To Pressure Iran, Pompeo Turns to the Deal Trump Renounced
WASHINGTON — Secretary of State Mike Pompeo is preparing a legal argument that the United States remains a participant in the Iran nuclear accord that President Trump has renounced, part of an intricate strategy to pressure the United Nations Security Council to extend an arms embargo on Tehran or see far more stringent sanctions reimposed on the country.
The strategy has been described in recent days by administration officials as they begin to circulate a new resolution in the Security Council that would bar countries from exporting conventional arms to Iran after the current ban expires in October. Any effort to renew the arms embargo is almost certain to be opposed by Russia and, publicly or quietly, by China. The Russians have already told American and European officials they are eager to resume conventional arms sales to Iran.
...
If the arms embargo is not renewed, the United States would exercise that right as an original member of the agreement. That step would force a restoration of the wide array of the sanctions that prohibited oil sales and banking arrangements before the adoption of the agreement in 2015. Enforcing those older sanctions would, in theory, be binding on all members of the United Nations.
European diplomats who have learned of the effort maintain that Mr. Trump and Mr. Pompeo are selectively choosing whether they are still in the agreement to fit their agenda.
The entire drama could play out this autumn in the weeks before the presidential election, setting up a potential confrontation with Iran in the midst of the contest...
Under Mr. Pompeo’s plan, an American-drafted resolution, which has already been given to the Europeans, the Saudis and the United Arab Emirates, would propose extending the conventional arms embargo, according to a copy reviewed by The New York Times.

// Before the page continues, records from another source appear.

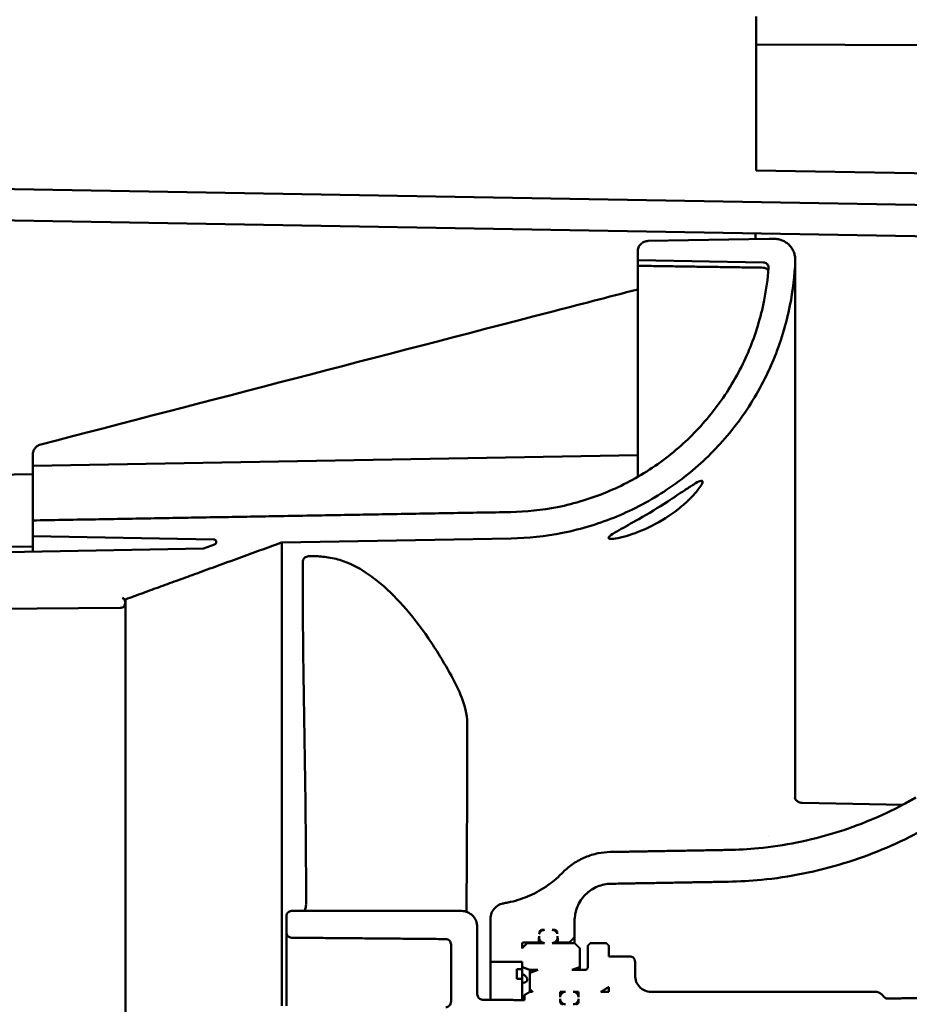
# Model space of a CAD drawing. Header units: inches. Extents: x 0 to 234, y 0 to 165.
# Tile 70 of 85: x 151 to 158, y 73 to 80. Entities that reach past the tile are written whole.
import ezdxf

# ---------------------------------------------------------------- set-up
doc = ezdxf.new("R2010")
doc.units = ezdxf.units.IN
doc.header["$LTSCALE"] = 10
doc.header["$MEASUREMENT"] = 0
doc.layers.add('Visible (ANSI)', color=7, linetype='Continuous', lineweight=50)

msp = doc.modelspace()

# ---------------------------------------------------------------- linework, layer by layer
at = {"layer": 'Visible (ANSI)'}
for p, q in [((156.6331, 80.1317), (156.6331, 80.3482)), ((158.9996, 80.1286), (156.6331, 80.1389)), ((156.6331, 79.1968), (156.6331, 80.1317)), ((158.4911, 79.1644), (156.6331, 79.1968)), ((147.4815, 79.1203), (158.4109, 78.9296)), ((147.1842, 78.8893), (158.4068, 78.6934)), ((156.6291, 78.6829), (156.6291, 78.7244)), ((156.7315, 78.6847), (155.8246, 78.6688)), ((156.7692, 78.6847), (156.7315, 78.6847)), ((155.7472, 78.5901), (155.7472, 78.5246)), ((155.7472, 78.5246), (156.6877, 78.5082)), ((155.7472, 78.483), (155.7472, 78.5246)), ((156.9267, 74.4923), (156.9267, 78.5271)), ((155.7472, 76.9205), (155.7472, 78.483)), ((151.2197, 77.0702), (151.2197, 77.0137)), ((151.2197, 76.9853), (155.7472, 77.0643)), ((151.2197, 77.0137), (151.2197, 76.9853)), ((151.2197, 76.577), (151.2197, 76.9853)), ((150.3135, 76.9072), (151.2197, 76.923)), ((155.7472, 76.9205), (155.7472, 76.9032)), ((151.2197, 76.577), (151.2197, 76.4588)), ((151.2197, 76.4588), (152.5738, 76.4352)), ((151.2197, 76.4588), (151.2197, 76.344)), ((153.0834, 76.4125), (154.8008, 76.4425)), ((150.6061, 76.3889), (151.2197, 76.3782)), ((152.4962, 76.3663), (151.0228, 76.3406)), ((152.5802, 76.3969), (152.4962, 76.3663)), ((153.0834, 76.4125), (153.0834, 72.9448)), ((151.9124, 75.9858), (151.9124, 68.9871)), ((150.1252, 75.9071), (151.8731, 75.9224)), ((151.9121, 69.0112), (151.9121, 75.9618)), ((156.9813, 74.4622), (156.9813, 74.4622)), ((157.7317, 74.4491), (156.9813, 74.4622)), ((154.7587, 73.714), (154.7425, 73.7111)), ((154.4283, 73.6539), (153.1567, 73.6539)), ((153.1173, 73.6141), (153.1173, 73.494)), ((154.6449, 73.5934), (154.6449, 73.2734)), ((155.2748, 73.4583), (155.2748, 73.579)), ((153.1173, 73.494), (153.1173, 73.2817)), ((154.5465, 73.0314), (154.5465, 73.5343)), ((155.0311, 73.5123), (155.0484, 73.5123)), ((155.1075, 73.5123), (155.1248, 73.5123)), ((154.3496, 73.4036), (154.3496, 72.976)), ((154.8811, 73.3741), (154.8811, 73.4062)), ((154.8929, 73.4182), (155.0051, 73.4182)), ((155.0484, 73.4142), (154.9205, 73.4142)), ((155.0051, 73.4182), (155.0051, 73.4142)), ((155.0091, 73.4653), (155.0091, 73.4543)), ((155.0091, 73.4543), (155.0091, 73.4142)), ((155.2748, 73.4142), (155.1075, 73.4142)), ((155.1468, 73.4543), (155.1468, 73.4653)), ((155.1468, 73.4142), (155.1468, 73.4543)), ((155.1508, 73.4182), (155.2354, 73.4182)), ((155.1508, 73.4182), (155.1508, 73.4142)), ((155.2354, 73.4182), (155.2354, 73.4142)), ((155.2748, 73.4583), (155.2748, 73.4142)), ((155.511, 73.4142), (155.3929, 73.4142)), ((155.3142, 73.2349), (155.3142, 73.3741)), ((155.3732, 73.3942), (155.3732, 73.233)), ((155.5307, 73.3138), (155.5307, 73.3942)), ((153.1173, 73.2817), (153.1173, 73.1649)), ((154.6449, 73.2734), (154.8811, 73.2734)), ((154.6449, 73.2734), (154.6449, 72.9893)), ((154.8811, 73.2734), (154.8811, 73.2349)), ((155.6882, 73.3138), (155.5307, 73.3138)), ((155.7276, 73.1721), (155.7276, 73.2734)), ((154.8417, 73.1471), (154.8417, 73.2183)), ((154.8811, 73.2349), (154.8811, 73.1844)), ((154.8811, 73.1162), (154.8811, 73.1844)), ((154.9402, 73.2127), (154.9992, 73.2127)), ((154.9402, 73.1906), (154.9402, 73.2127)), ((154.9402, 73.1906), (154.9402, 73.0698)), ((155.3535, 73.2127), (155.2551, 73.2127)), ((155.3142, 73.2127), (155.3142, 73.2349)), ((153.1173, 73.1649), (153.1173, 72.9448)), ((154.8811, 73.1162), (154.8811, 72.9871)), ((154.9402, 73.0698), (154.9402, 73.0492)), ((154.9598, 73.0492), (154.9402, 73.0492)), ((155.1665, 73.0077), (155.1665, 73.0492)), ((155.1665, 73.0492), (155.2059, 73.0492)), ((155.265, 73.0492), (155.3043, 73.0492)), ((155.3043, 73.0492), (155.3043, 73.0077)), ((155.5307, 73.0492), (155.4717, 73.0492)), ((155.5307, 73.0849), (155.5307, 73.0492)), ((157.5221, 73.0492), (155.8457, 73.0492)), ((154.9008, 73.0253), (154.9008, 72.9869)), ((155.1665, 72.9764), (155.1665, 72.9973)), ((155.3043, 72.9973), (155.3043, 72.9764))]:
    msp.add_line(p, q, dxfattribs=at)
msp.add_arc((150.1173, 72.4865), 3.9329, 62.84281, 63.20148, dxfattribs=at)
for centre, major_axis, ratio, start_param, end_param in [((156.687, 78.4297), (-0.0391, -0.0043), 0.990745, 4.522823, 4.586155), ((150.7638, 72.4865), (-46.238, -0.4036), 0.015115, 4.623093, 4.623947), ((150.7638, 72.4865), (46.238, -0.4036), 0.015115, 1.481764, 1.482619)]:
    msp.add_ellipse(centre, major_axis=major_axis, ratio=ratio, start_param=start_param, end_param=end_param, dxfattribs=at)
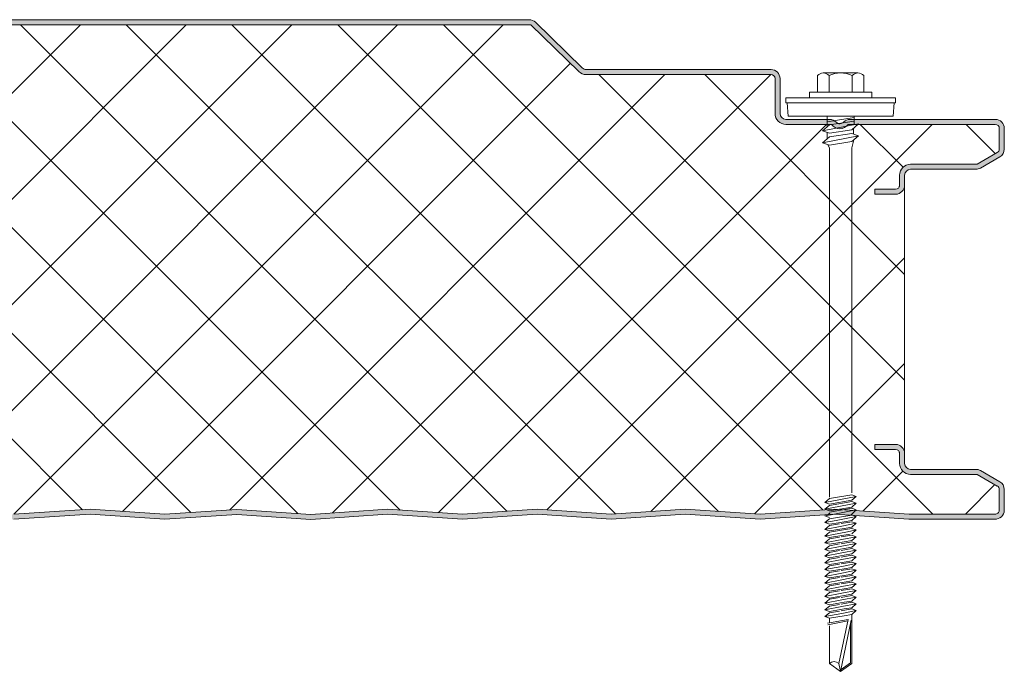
# Model space of a CAD drawing. Header units: millimetres. Extents: x 12686 to 20863, y -5950 to 1224.
# Tile 5 of 10: x 13629 to 13826, y -5640 to -5510. Entities that reach past the tile are written whole.
import ezdxf

# ---------------------------------------------------------------- set-up
doc = ezdxf.new("R2010")
doc.units = ezdxf.units.MM
doc.layers.add('A-DETL-GENF', color=92, linetype='Continuous', lineweight=13)

# ---------------------------------------------------------------- blocks, each defined once
blk = doc.blocks.new('HFX 1000 - 1 RIB - SATINLINE - HFX 1000 100mm - 1 RIB - SATINLINE-4428274-ALL PANELS 3')
at = {"layer": 'A-DETL-GENF'}
h = blk.add_hatch(color=256, dxfattribs=at)
h.paths.add_polyline_path([(619.08, -0.04), (634.93, 0.97), (649.57, -0.01), (664.01, 0.96), (678.87, -0.04), (694.37, 0.99), (709.28, -0.01), (724.37, 0.99), (739.14, 0), (754.09, 0.99), (769, -0.01), (784.37, 0.97), (799.28, -0.03), (814.93, 0.97), (829.57, -0.01), (844.01, 0.96), (858.87, -0.04), (874.65, 0.97), (889.28, -0.01), (904.37, 0.99), (919.14, 0), (934.09, 0.99), (949, -0.01), (964.09, 0.99), (979.2, 0), (996.6, 0.05), (997, 0.19), (997.27, 0.34), (997.57, 0.63), (997.82, 1), (997.96, 1.43), (998, 1.86), (998, 5.96), (997.9, 6.52), (997.76, 6.86), (997.48, 7.23), (997, 7.57), (993.22, 9.75), (992.73, 9.94), (992.32, 9.99), (978.89, 10.04), (978.6, 10.16), (978.35, 10.35), (978.16, 10.59), (978.04, 10.88), (978, 11.19), (978, 13.19), (977.94, 13.66), (977.76, 14.09), (977.48, 14.47), (977, 14.79), (976.67, 14.93), (975.92, 14.99), (972, 14.99), (972, 13.99), (976.41, 13.97), (976.77, 13.76), (976.98, 13.4), (977, 13.19), (977, 11.19), (977.08, 10.63), (977.3, 10.09), (977.65, 9.64), (978.1, 9.29), (978.63, 9.07), (979.2, 8.99), (992.54, 8.99), (996.77, 6.52), (996.98, 6.16), (997, 5.96), (996.98, 1.61), (996.8, 1.27), (996.49, 1.05), (996.12, 1), (978.1, 1.05), (964, 2), (948.86, 1), (934, 2), (919.14, 1), (904.28, 2), (889.28, 0.99), (874.28, 2), (858.45, 0.99), (844.01, 1.96), (829.57, 0.99), (814.57, 2), (799, 0.99), (784, 2), (768.86, 1), (754, 2), (739.14, 1), (724.28, 2), (709.14, 1), (694.28, 2), (678.45, 0.99), (664.01, 1.96), (649.57, 0.99), (634.57, 2), (618.87, 0.97), (604.14, 1.96), (589.7, 0.99), (574.7, 2), (559.14, 0.99), (544.14, 2), (529, 1), (514.14, 2), (499.28, 1), (484.42, 2), (469.28, 1), (454.42, 2), (438.94, 0.97), (424.14, 1.96), (409.35, 0.97), (394, 2), (379.14, 1), (364.28, 2), (349.28, 0.99), (334.28, 2), (318.45, 0.99), (304.01, 1.96), (289.57, 0.99), (274.57, 2), (259.08, 0.96), (244.14, 1.96), (229.7, 0.99), (214.7, 2), (199, 1), (184.14, 2), (169, 1), (154.14, 2), (139.28, 1), (124.42, 2), (109.42, 0.99), (94.42, 2), (78.94, 0.97), (64.14, 1.96), (48.97, 1), (34, 2), (19.11, 1), (1.59, 1.02), (1.23, 1.23), (1.03, 1.59), (1, 1.8), (1, 9.3), (0.93, 9.86), (0.71, 10.4), (0.36, 10.85), (-0.1, 11.2), (-0.63, 11.42), (-1.2, 11.5), (-20.41, 11.52), (-20.77, 11.73), (-20.97, 12.09), (-21, 12.3), (-20.97, 13.4), (-20.77, 13.76), (-20.41, 13.97), (-20.2, 14), (-16, 14), (-16, 15), (-20.41, 14.97), (-20.67, 14.93), (-21.1, 14.75), (-21.47, 14.47), (-21.76, 14.1), (-21.94, 13.66), (-22, 13.2), (-21.98, 12.18), (-21.9, 11.73), (-21.76, 11.4), (-21.47, 11.02), (-21, 10.7), (-20.67, 10.56), (-20.2, 10.5), (-0.89, 10.45), (-0.6, 10.33), (-0.35, 10.14), (-0.16, 9.9), (-0.04, 9.61), (0, 9.3), (0, 1.8), (0.06, 1.33), (0.36, 0.75), (0.53, 0.52), (1, 0.2), (1.33, 0.06), (1.8, 0), (19.14, 0), (34.05, 1), (49.35, -0.03), (64.14, 0.96), (79, -0.04), (94.51, 0.99), (109.42, -0.01), (124.51, 0.99), (139.28, 0), (154.23, 0.99), (169.14, -0.01), (184.51, 0.97), (199.42, -0.03), (214.79, 0.99), (229.7, -0.01), (244.16, 0.96), (259.08, -0.04), (274.65, 0.99), (289.57, -0.01), (304.01, 0.96), (318.87, -0.04), (334.37, 0.99), (349.28, -0.01), (364.37, 0.99), (379.14, 0), (394.09, 0.99), (409.35, -0.03), (424.14, 0.96), (439, -0.04), (454.51, 0.99), (469.72, 0.01), (484.76, 0.98), (499.28, 0), (514.23, 0.99), (529.14, -0.01), (544.51, 0.97), (559.42, -0.03), (575.07, 0.97), (589.7, -0.01), (604.16, 0.96), (618.74, -0.02)])
h.paths.add_polyline_path([(-20.2, 65.19), (-16, 65.19), (-16, 66.19), (-20.41, 66.22), (-20.77, 66.42), (-20.97, 66.78), (-21, 66.99), (-20.97, 68.6), (-20.77, 68.96), (-20.41, 69.16), (-20.2, 69.19), (-1.2, 69.19), (-0.63, 69.26), (-0.1, 69.48), (0.36, 69.83), (0.71, 70.29), (0.93, 70.82), (1, 71.39), (1, 81.26), (0.93, 81.81), (0.72, 82.33), (0.39, 82.78), (-0.05, 83.13), (-0.56, 83.36), (-26.2, 91.19), (-54.54, 91.21), (-54.82, 91.36), (-54.97, 91.61), (-54.99, 91.86), (-54.88, 92.13), (-54.49, 92.54), (-47.66, 99.19), (402.99, 99.19), (412.62, 89.81), (413.07, 89.47), (413.59, 89.26), (414.15, 89.19), (441.17, 89.19), (441.73, 89.26), (442.26, 89.47), (442.71, 89.81), (452.34, 99.19), (902.99, 99.19), (912.62, 89.81), (913.07, 89.47), (913.59, 89.26), (914.15, 89.19), (951.41, 89.16), (951.77, 88.96), (951.98, 88.6), (952, 88.39), (952, 81.39), (952.08, 80.82), (952.3, 80.29), (952.65, 79.83), (953.1, 79.48), (953.63, 79.26), (954.2, 79.19), (963.35, 79.19), (963.67, 78.83), (964.07, 78.55), (964.52, 78.38), (965, 78.32), (965.48, 78.38), (965.93, 78.55), (966.33, 78.83), (966.65, 79.19), (996.41, 79.16), (996.77, 78.96), (996.98, 78.6), (997, 78.39), (996.98, 74.02), (996.77, 73.66), (996.6, 73.54), (992.54, 71.19), (979.2, 71.19), (978.63, 71.11), (978.1, 70.9), (977.65, 70.55), (977.3, 70.09), (977.08, 69.56), (977, 68.99), (976.98, 66.78), (976.77, 66.42), (976.41, 66.22), (976.2, 66.19), (972, 66.19), (972, 65.19), (976.2, 65.19), (976.67, 65.25), (977.1, 65.43), (977.48, 65.72), (977.76, 66.09), (977.94, 66.52), (978, 66.99), (978.04, 69.3), (978.16, 69.59), (978.35, 69.84), (978.63, 70.04), (978.89, 70.15), (979.2, 70.19), (992.73, 70.24), (992.79, 70.25), (993.22, 70.43), (997.1, 72.67), (997.48, 72.96), (997.76, 73.33), (997.94, 73.76), (998, 74.23), (998, 78.39), (997.94, 78.86), (997.76, 79.29), (997.48, 79.66), (997, 79.99), (996.63, 80.13), (996.04, 80.19), (966.65, 80.14), (966.33, 80.04), (965.76, 79.67), (965.38, 79.4), (964.92, 79.33), (964.48, 79.47), (963.67, 80.04), (963.32, 80.15), (962.95, 80.19), (953.89, 80.23), (953.6, 80.35), (953.35, 80.54), (953.16, 80.79), (953.04, 81.08), (953, 81.39), (953, 88.39), (952.94, 88.86), (952.65, 89.44), (952.48, 89.66), (952, 89.99), (951.67, 90.13), (951.2, 90.19), (913.85, 90.23), (913.56, 90.35), (913.04, 90.79), (903.63, 99.9), (903.37, 100.03), (902.99, 100.15), (902.66, 100.19), (452.34, 100.15), (452.05, 100.07), (451.68, 99.88), (451.41, 99.68), (441.73, 90.33), (441.38, 90.22), (441.17, 90.19), (413.85, 90.23), (413.44, 90.44), (413, 90.83), (403.68, 99.86), (403.44, 100), (402.99, 100.15), (402.66, 100.19), (-47.66, 100.15), (-47.79, 100.13), (-48.22, 99.96), (-48.7, 99.58), (-55.75, 92.64), (-55.91, 92.3), (-55.99, 91.93), (-55.98, 91.55), (-55.88, 91.19), (-55.7, 90.86), (-55.44, 90.58), (-55.13, 90.37), (-54.54, 90.21), (-53.99, 90.19), (-26.2, 90.14), (-0.56, 82.27), (-0.33, 82.09), (-0.15, 81.84), (-0.04, 81.56), (0, 81.26), (-0.04, 71.08), (-0.16, 70.79), (-0.35, 70.54), (-0.63, 70.34), (-0.89, 70.23), (-1.21, 70.19), (-20.41, 70.16), (-20.67, 70.13), (-21.1, 69.95), (-21.47, 69.66), (-21.8, 69.19), (-21.94, 68.86), (-22, 68.39), (-22, 66.99), (-21.94, 66.52), (-21.76, 66.09), (-21.47, 65.72), (-21.1, 65.43), (-20.67, 65.25)])
h = blk.add_hatch(dxfattribs=at)
h.set_pattern_fill('FP_3', color=256, style=0, pattern_type=2)
h.set_pattern_definition([(45, (-12828.428, 5609.747), (-10.606602, 10.606602), []), (135, (-12828.428, 5609.747), (-10.606602, -10.606602), [])])
h.paths.add_polyline_path([(619.08, 0.96), (634.57, 2), (649.57, 0.99), (664.01, 1.96), (678.87, 0.96), (694.28, 2), (709.28, 0.99), (724.28, 2), (739.14, 1), (754, 2), (769, 0.99), (784, 2), (799.28, 0.97), (814.57, 2), (829.57, 0.99), (844.01, 1.96), (858.87, 0.96), (874.28, 2), (889.28, 0.99), (904.28, 2), (919.14, 1), (934, 2), (949, 0.99), (964, 2), (978.9, 1), (996.49, 1.05), (996.8, 1.27), (996.91, 1.43), (997, 1.8), (997, 5.96), (996.9, 6.36), (996.6, 6.65), (992.54, 8.99), (979.2, 8.99), (978.63, 9.07), (978.1, 9.29), (977.65, 9.64), (977.3, 10.09), (977.08, 10.63), (977, 11.19), (977, 13.19), (976.9, 13.59), (976.6, 13.89), (976.2, 13.99), (972, 13.99), (972, 14.99), (976.2, 14.99), (976.67, 14.93), (977.1, 14.75), (977.48, 14.47), (977.76, 14.09), (977.94, 13.66), (978, 13.19), (978, 66.99), (977.94, 66.52), (977.76, 66.09), (977.48, 65.72), (977.1, 65.43), (976.67, 65.25), (976.2, 65.19), (972, 65.19), (972, 66.19), (976.41, 66.22), (976.77, 66.42), (976.9, 66.59), (977, 66.99), (977, 68.99), (977.08, 69.56), (977.3, 70.09), (977.65, 70.55), (978.1, 70.9), (978.63, 71.11), (979.2, 71.19), (992.54, 71.19), (996.77, 73.66), (996.9, 73.83), (997, 74.23), (997, 78.39), (996.9, 78.79), (996.6, 79.08), (996.2, 79.19), (966.65, 79.19), (966.33, 78.83), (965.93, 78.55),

The American draft says that “Iran shall not supply, sell or transfer, directly or indirectly, from its territory, by its nationals or using its flag vessels or aircraft, any arms or related matériel, and that all member states shall prohibit the procurement of such items from Iran by their nationals, or using their flagged vessels or aircraft, and whether or not originating in the territory of Iran.”
Russia, the U.S. expects, would veto the resolution in the Security Council.
In response, the United States would then attempt to declare that it remains a participant state in the agreement, formally called the Joint Comprehensive Plan of Action, despite Mr. Trump’s declaration that he was abandoning it.
As a participant state, the United States would declare that Iran is violating the agreement because it is now producing nuclear fuel above the limits in the accord — and impose the snapback of U.N. sanctions that Mr. Obama referred to in his 2015 speech, when he was trying to reassure critics of the agreement.
Relying on a legal opinion developed by lawyers within Mr. Pompeo’s department, the United States would dispute the arguments of the other signatories that Mr. Trump gave up all rights to invoke the snapback when he declared that the United States was reimposing its own sanctions on Iran, despite Washington’s obligations under the agreement.
A senior European diplomat, who spoke on the condition of anonymity, dismissed the strategy as pushing the words of the agreement far beyond their logical context.
But the administration’s strategy could well work, even if other members of the United Nations ignored the move. At that point, on paper at least, the United Nations would be back to all the sanctions on Iran that existed before Mr. Obama reached the accord with Tehran.